Here Are 5 Daily Habits To Help You Lose Your Next 10 Pounds & Double Your Energy (Without Willpower and Discipline)

My FREE guide & email course will show you how the psychology of HABITS can make you lose those 20-30 pounds, have more energy and a better life even if you’re a busy professional.

new big cover

4 Of The Most Common (Yet Least Important) Nutritional Questions About Weight Loss


It’s painfully ironic.

What some people view as the most important questions behind what to eat and do to lose weight, sometimes are the least important.

So if what we’re focusing on doesn’t matter, and if what we aren’t focusing on, does matter, what are we supposed to do?

Focus on the right stuff.

Here’s a closer, tactical look at some of the most common questions that I get on a daily basis (and what to really focus on that’s important).

Painfully Common Nutritional Questions That (Mostly) Don’t Matter

Truly, the first question here is really the only one that actually matters: what the heck should I be eating each meal?

This one matters more than anything, because it controls:

  • How often you eat (whether or not it keeps you full)
  • How full you stay
  • How much nutrition you get
  • Whether or not you’re going to get cravings or potentially binge later
  • … And if it often even controls how much you end up eating

1. “What Should I Really Be Eating?” <== Only Important Question


When it comes time to eat, you don’t ever feel like a confused tomato?
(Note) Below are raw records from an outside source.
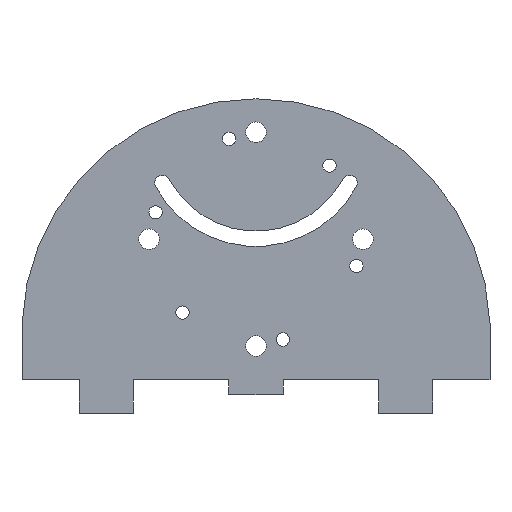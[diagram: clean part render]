
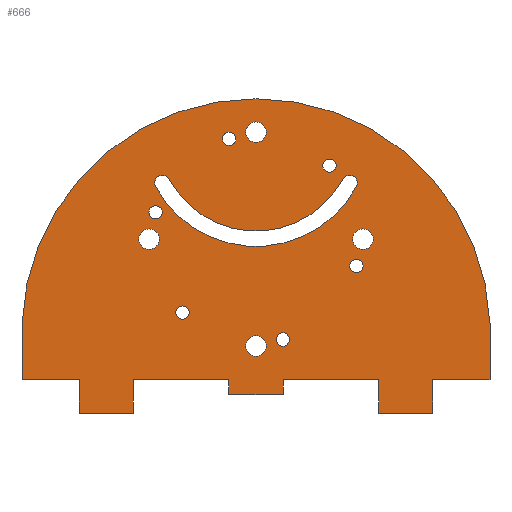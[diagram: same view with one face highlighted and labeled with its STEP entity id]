
A CAD part, front view. The second image highlights one B-rep face of the part: STEP entity #666.
In plain terms, the highlighted planar face has unit normal (0, -1, 0).
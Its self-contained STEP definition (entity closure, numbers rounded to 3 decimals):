
#26=FACE_BOUND('',#129,.T.);
#27=FACE_BOUND('',#130,.T.);
#28=FACE_BOUND('',#131,.T.);
#29=FACE_BOUND('',#132,.T.);
#30=FACE_BOUND('',#133,.T.);
#31=FACE_BOUND('',#134,.T.);
#32=FACE_BOUND('',#135,.T.);
#33=FACE_BOUND('',#136,.T.);
#34=FACE_BOUND('',#137,.T.);
#35=FACE_BOUND('',#138,.T.);
#36=FACE_BOUND('',#139,.T.);
#53=PLANE('',#751);
#85=FACE_OUTER_BOUND('',#128,.T.);
#128=EDGE_LOOP('',(#590,#591,#592,#593,#594,#595,#596,#597,#598,#599,#600,
#601,#602,#603,#604,#605));
#129=EDGE_LOOP('',(#606,#607,#608,#609));
#130=EDGE_LOOP('',(#610));
#131=EDGE_LOOP('',(#611));
#132=EDGE_LOOP('',(#612));
#133=EDGE_LOOP('',(#613));
#134=EDGE_LOOP('',(#614));
#135=EDGE_LOOP('',(#615));
#136=EDGE_LOOP('',(#616));
#137=EDGE_LOOP('',(#617));
#138=EDGE_LOOP('',(#618));
#139=EDGE_LOOP('',(#619));
#155=LINE('',#1028,#215);
#161=LINE('',#1040,#221);
#162=LINE('',#1042,#222);
#165=LINE('',#1049,#225);
#171=LINE('',#1061,#231);
#172=LINE('',#1063,#232);
#176=LINE('',#1070,#236);
#177=LINE('',#1073,#237);
#182=LINE('',#1082,#242);
#183=LINE('',#1085,#243);
#186=LINE('',#1091,#246);
#191=LINE('',#1100,#251);
#192=LINE('',#1102,#252);
#194=LINE('',#1106,#254);
#198=LINE('',#1117,#258);
#215=VECTOR('',#855,10.);
#221=VECTOR('',#863,10.);
#222=VECTOR('',#866,10.);
#225=VECTOR('',#871,10.);
#231=VECTOR('',#879,10.);
#232=VECTOR('',#882,10.);
#236=VECTOR('',#888,10.);
#237=VECTOR('',#891,10.);
#242=VECTOR('',#898,10.);
#243=VECTOR('',#901,10.);
#246=VECTOR('',#906,10.);
#251=VECTOR('',#913,10.);
#252=VECTOR('',#916,10.);
#254=VECTOR('',#920,10.);
#258=VECTOR('',#932,10.);
#261=CIRCLE('',#692,4.1);
#263=CIRCLE('',#695,60.972);
#265=CIRCLE('',#698,4.1);
#267=CIRCLE('',#701,52.772);
#269=CIRCLE('',#704,3.55);
#271=CIRCLE('',#707,3.55);
#273=CIRCLE('',#710,3.55);
#275=CIRCLE('',#713,5.5);
#277=CIRCLE('',#716,5.5);
#279=CIRCLE('',#719,5.5);
#281=CIRCLE('',#722,5.5);
#283=CIRCLE('',#725,3.55);
#285=CIRCLE('',#728,3.55);
#287=CIRCLE('',#731,3.55);
#288=CIRCLE('',#747,125.104);
#292=VERTEX_POINT('',#943);
#293=VERTEX_POINT('',#945);
#295=VERTEX_POINT('',#951);
#297=VERTEX_POINT('',#957);
#299=VERTEX_POINT('',#966);
#301=VERTEX_POINT('',#972);
#303=VERTEX_POINT('',#978);
#305=VERTEX_POINT('',#984);
#307=VERTEX_POINT('',#990);
#309=VERTEX_POINT('',#996);
#311=VERTEX_POINT('',#1002);
#313=VERTEX_POINT('',#1008);
#315=VERTEX_POINT('',#1014);
#317=VERTEX_POINT('',#1020);
#318=VERTEX_POINT('',#1024);
#320=VERTEX_POINT('',#1027);
#323=VERTEX_POINT('',#1034);
#325=VERTEX_POINT('',#1038);
#326=VERTEX_POINT('',#1045);
#328=VERTEX_POINT('',#1048);
#331=VERTEX_POINT('',#1055);
#333=VERTEX_POINT('',#1059);
#335=VERTEX_POINT('',#1068);
#336=VERTEX_POINT('',#1072);
#339=VERTEX_POINT('',#1080);
#340=VERTEX_POINT('',#1084);
#342=VERTEX_POINT('',#1090);
#345=VERTEX_POINT('',#1098);
#346=VERTEX_POINT('',#1105);
#348=VERTEX_POINT('',#1111);
#352=EDGE_CURVE('',#293,#292,#261,.T.);
#356=EDGE_CURVE('',#292,#295,#263,.T.);
#359=EDGE_CURVE('',#295,#297,#265,.T.);
#361=EDGE_CURVE('',#297,#293,#267,.T.);
#364=EDGE_CURVE('',#299,#299,#269,.T.);
#367=EDGE_CURVE('',#301,#301,#271,.T.);
#370=EDGE_CURVE('',#303,#303,#273,.T.);
#373=EDGE_CURVE('',#305,#305,#275,.T.);
#376=EDGE_CURVE('',#307,#307,#277,.T.);
#379=EDGE_CURVE('',#309,#309,#279,.T.);
#382=EDGE_CURVE('',#311,#311,#281,.T.);
#385=EDGE_CURVE('',#313,#313,#283,.T.);
#388=EDGE_CURVE('',#315,#315,#285,.T.);
#391=EDGE_CURVE('',#317,#317,#287,.T.);
#393=EDGE_CURVE('',#318,#320,#155,.T.);
#399=EDGE_CURVE('',#323,#325,#161,.T.);
#400=EDGE_CURVE('',#320,#325,#162,.T.);
#403=EDGE_CURVE('',#326,#328,#165,.T.);
#409=EDGE_CURVE('',#331,#333,#171,.T.);
#410=EDGE_CURVE('',#328,#333,#172,.T.);
#414=EDGE_CURVE('',#335,#318,#176,.T.);
#415=EDGE_CURVE('',#323,#336,#177,.T.);
#420=EDGE_CURVE('',#339,#326,#182,.T.);
#421=EDGE_CURVE('',#331,#340,#183,.T.);
#424=EDGE_CURVE('',#336,#342,#186,.T.);
#429=EDGE_CURVE('',#339,#345,#191,.T.);
#430=EDGE_CURVE('',#342,#345,#192,.T.);
#432=EDGE_CURVE('',#346,#335,#194,.T.);
#435=EDGE_CURVE('',#348,#346,#288,.T.);
#438=EDGE_CURVE('',#340,#348,#198,.T.);
#590=ORIENTED_EDGE('',*,*,#414,.F.);
#591=ORIENTED_EDGE('',*,*,#432,.F.);
#592=ORIENTED_EDGE('',*,*,#435,.F.);
#593=ORIENTED_EDGE('',*,*,#438,.F.);
#594=ORIENTED_EDGE('',*,*,#421,.F.);
#595=ORIENTED_EDGE('',*,*,#409,.T.);
#596=ORIENTED_EDGE('',*,*,#410,.F.);
#597=ORIENTED_EDGE('',*,*,#403,.F.);
#598=ORIENTED_EDGE('',*,*,#420,.F.);
#599=ORIENTED_EDGE('',*,*,#429,.T.);
#600=ORIENTED_EDGE('',*,*,#430,.F.);
#601=ORIENTED_EDGE('',*,*,#424,.F.);
#602=ORIENTED_EDGE('',*,*,#415,.F.);
#603=ORIENTED_EDGE('',*,*,#399,.T.);
#604=ORIENTED_EDGE('',*,*,#400,.F.);
#605=ORIENTED_EDGE('',*,*,#393,.F.);
#606=ORIENTED_EDGE('',*,*,#352,.T.);
#607=ORIENTED_EDGE('',*,*,#356,.T.);
#608=ORIENTED_EDGE('',*,*,#359,.T.);
#609=ORIENTED_EDGE('',*,*,#361,.T.);
#610=ORIENTED_EDGE('',*,*,#364,.T.);
#611=ORIENTED_EDGE('',*,*,#367,.T.);
#612=ORIENTED_EDGE('',*,*,#370,.T.);
#613=ORIENTED_EDGE('',*,*,#373,.T.);
#614=ORIENTED_EDGE('',*,*,#376,.T.);
#615=ORIENTED_EDGE('',*,*,#379,.T.);
#616=ORIENTED_EDGE('',*,*,#382,.T.);
#617=ORIENTED_EDGE('',*,*,#385,.T.);
#618=ORIENTED_EDGE('',*,*,#388,.T.);
#619=ORIENTED_EDGE('',*,*,#391,.T.);
#666=ADVANCED_FACE('',(#85,#26,#27,#28,#29,#30,#31,#32,#33,#34,#35,#36),
#53,.F.);
#692=AXIS2_PLACEMENT_3D('',#946,#759,#760);
#695=AXIS2_PLACEMENT_3D('',#953,#767,#768);
#698=AXIS2_PLACEMENT_3D('',#959,#774,#775);
#701=AXIS2_PLACEMENT_3D('',#962,#780,#781);
#704=AXIS2_PLACEMENT_3D('',#968,#787,#788);
#707=AXIS2_PLACEMENT_3D('',#974,#794,#795);
#710=AXIS2_PLACEMENT_3D('',#980,#801,#802);
#713=AXIS2_PLACEMENT_3D('',#986,#808,#809);
#716=AXIS2_PLACEMENT_3D('',#992,#815,#816);
#719=AXIS2_PLACEMENT_3D('',#998,#822,#823);
#722=AXIS2_PLACEMENT_3D('',#1004,#829,#830);
#725=AXIS2_PLACEMENT_3D('',#1010,#836,#837);
#728=AXIS2_PLACEMENT_3D('',#1016,#843,#844);
#731=AXIS2_PLACEMENT_3D('',#1022,#850,#851);
#747=AXIS2_PLACEMENT_3D('',#1112,#925,#926);
#751=AXIS2_PLACEMENT_3D('',#1120,#936,#937);
#759=DIRECTION('center_axis',(0.,1.,0.));
#760=DIRECTION('ref_axis',(-0.879,0.,0.477));
#767=DIRECTION('center_axis',(0.,1.,0.));
#768=DIRECTION('ref_axis',(0.879,0.,-0.477));
#774=DIRECTION('center_axis',(0.,1.,0.));
#775=DIRECTION('ref_axis',(-0.879,0.,-0.477));
#780=DIRECTION('center_axis',(0.,-1.,0.));
#781=DIRECTION('ref_axis',(-0.879,0.,0.477));
#787=DIRECTION('center_axis',(0.,1.,0.));
#788=DIRECTION('ref_axis',(1.,0.,0.));
#794=DIRECTION('center_axis',(0.,1.,0.));
#795=DIRECTION('ref_axis',(1.,0.,0.));
#801=DIRECTION('center_axis',(0.,1.,0.));
#802=DIRECTION('ref_axis',(1.,0.,0.));
#808=DIRECTION('center_axis',(0.,1.,0.));
#809=DIRECTION('ref_axis',(1.,0.,0.));
#815=DIRECTION('center_axis',(0.,1.,0.));
#816=DIRECTION('ref_axis',(1.,0.,0.));
#822=DIRECTION('center_axis',(0.,1.,0.));
#823=DIRECTION('ref_axis',(1.,0.,0.));
#829=DIRECTION('center_axis',(0.,1.,0.));
#830=DIRECTION('ref_axis',(1.,0.,0.));
#836=DIRECTION('center_axis',(0.,1.,0.));
#837=DIRECTION('ref_axis',(1.,0.,0.));
#843=DIRECTION('center_axis',(0.,1.,0.));
#844=DIRECTION('ref_axis',(1.,0.,0.));
#850=DIRECTION('center_axis',(0.,1.,0.));
#851=DIRECTION('ref_axis',(1.,0.,0.));
#855=DIRECTION('',(0.,0.,-1.));
#863=DIRECTION('',(0.,0.,-1.));
#866=DIRECTION('',(-1.,0.,0.));
#871=DIRECTION('',(0.,0.,-1.));
#879=DIRECTION('',(0.,0.,-1.));
#882=DIRECTION('',(-1.,0.,0.));
#888=DIRECTION('',(-1.,0.,0.));
#891=DIRECTION('',(-1.,0.,0.));
#898=DIRECTION('',(-1.,0.,0.));
#901=DIRECTION('',(-1.,0.,0.));
#906=DIRECTION('',(0.,0.,-1.));
#913=DIRECTION('',(0.,0.,-1.));
#916=DIRECTION('',(-1.,0.,0.));
#920=DIRECTION('',(0.,0.,-1.));
#925=DIRECTION('center_axis',(0.,1.,0.));
#926=DIRECTION('ref_axis',(-0.999,0.,0.041));
#932=DIRECTION('',(0.,0.,1.));
#936=DIRECTION('center_axis',(0.,1.,0.));
#937=DIRECTION('ref_axis',(0.,0.,1.));
#943=CARTESIAN_POINT('',(53.605,0.,28.046));
#945=CARTESIAN_POINT('',(46.395,0.,31.954));
#946=CARTESIAN_POINT('Origin',(50.,0.,30.));
#951=CARTESIAN_POINT('',(-53.605,0.,28.046));
#953=CARTESIAN_POINT('Origin',(0.,0.,57.1));
#957=CARTESIAN_POINT('',(-46.395,0.,31.954));
#959=CARTESIAN_POINT('Origin',(-50.,0.,30.));
#962=CARTESIAN_POINT('Origin',(0.,0.,57.1));
#966=CARTESIAN_POINT('',(-57.159,0.,14.364));
#968=CARTESIAN_POINT('Origin',(-53.609,0.,14.364));
#972=CARTESIAN_POINT('',(50.059,0.,-14.364));
#974=CARTESIAN_POINT('Origin',(53.609,0.,-14.364));
#978=CARTESIAN_POINT('',(-42.794,0.,-39.244));
#980=CARTESIAN_POINT('Origin',(-39.244,0.,-39.244));
#984=CARTESIAN_POINT('',(51.6,0.,0.));
#986=CARTESIAN_POINT('Origin',(57.1,0.,0.));
#990=CARTESIAN_POINT('',(-5.5,0.,57.1));
#992=CARTESIAN_POINT('Origin',(0.,0.,57.1));
#996=CARTESIAN_POINT('',(-62.6,0.,0.));
#998=CARTESIAN_POINT('Origin',(-57.1,0.,0.));
#1002=CARTESIAN_POINT('',(-5.5,0.,-57.1));
#1004=CARTESIAN_POINT('Origin',(0.,0.,-57.1));
#1008=CARTESIAN_POINT('',(10.814,0.,-53.609));
#1010=CARTESIAN_POINT('Origin',(14.364,0.,-53.609));
#1014=CARTESIAN_POINT('',(35.694,0.,39.244));
#1016=CARTESIAN_POINT('Origin',(39.244,0.,39.244));
#1020=CARTESIAN_POINT('',(-17.914,0.,53.609));
#1022=CARTESIAN_POINT('Origin',(-14.364,0.,53.609));
#1024=CARTESIAN_POINT('',(94.5,0.,-75.));
#1027=CARTESIAN_POINT('',(94.5,0.,-93.));
#1028=CARTESIAN_POINT('',(94.5,0.,-75.));
#1034=CARTESIAN_POINT('',(65.5,0.,-75.));
#1038=CARTESIAN_POINT('',(65.5,0.,-93.));
#1040=CARTESIAN_POINT('',(65.5,0.,-75.));
#1042=CARTESIAN_POINT('',(95.,0.,-93.));
#1045=CARTESIAN_POINT('',(-65.5,0.,-75.));
#1048=CARTESIAN_POINT('',(-65.5,0.,-93.));
#1049=CARTESIAN_POINT('',(-65.5,0.,-75.));
#1055=CARTESIAN_POINT('',(-94.5,0.,-75.));
#1059=CARTESIAN_POINT('',(-94.5,0.,-93.));
#1061=CARTESIAN_POINT('',(-94.5,0.,-75.));
#1063=CARTESIAN_POINT('',(-65.,0.,-93.));
#1068=CARTESIAN_POINT('',(125.,0.,-75.));
#1070=CARTESIAN_POINT('',(125.,0.,-75.));
#1072=CARTESIAN_POINT('',(14.5,0.,-75.));
#1073=CARTESIAN_POINT('',(125.,0.,-75.));
#1080=CARTESIAN_POINT('',(-14.5,0.,-75.));
#1082=CARTESIAN_POINT('',(125.,0.,-75.));
#1084=CARTESIAN_POINT('',(-125.,0.,-75.));
#1085=CARTESIAN_POINT('',(125.,0.,-75.));
#1090=CARTESIAN_POINT('',(14.5,0.,-83.));
#1091=CARTESIAN_POINT('',(14.5,0.,-75.));
#1098=CARTESIAN_POINT('',(-14.5,0.,-83.));
#1100=CARTESIAN_POINT('',(-14.5,0.,-75.));
#1102=CARTESIAN_POINT('',(14.5,0.,-83.));
#1105=CARTESIAN_POINT('',(125.,0.,-45.));
#1106=CARTESIAN_POINT('',(125.,0.,75.));
#1111=CARTESIAN_POINT('',(-125.,0.,-45.));
#1112=CARTESIAN_POINT('Origin',(0.,0.,-50.104));
#1117=CARTESIAN_POINT('',(-125.,0.,-75.));
#1120=CARTESIAN_POINT('Origin',(0.,0.,0.));

Well, then you’re weird.

When people ask me what should I really be eating, here’s what we often mean.

Carbs – those are bad right, should I eat them?

What about protein?

And fat, that makes you fat, yes?

What about all the other stuff – liquid calories, fruit juices, quinoa, rice cakes, cereal, red meat, olive oil – where does all this fit in here?

Dr. David Katz, director of Yale University Research Prevention Center, wrote in an article how it doesn’t matter if you go high fat or low fat, there are cultures all over the world eating both ways – and living very long.

The people in Ikaria, Greece, and Sardinia do just that on a high fat diet.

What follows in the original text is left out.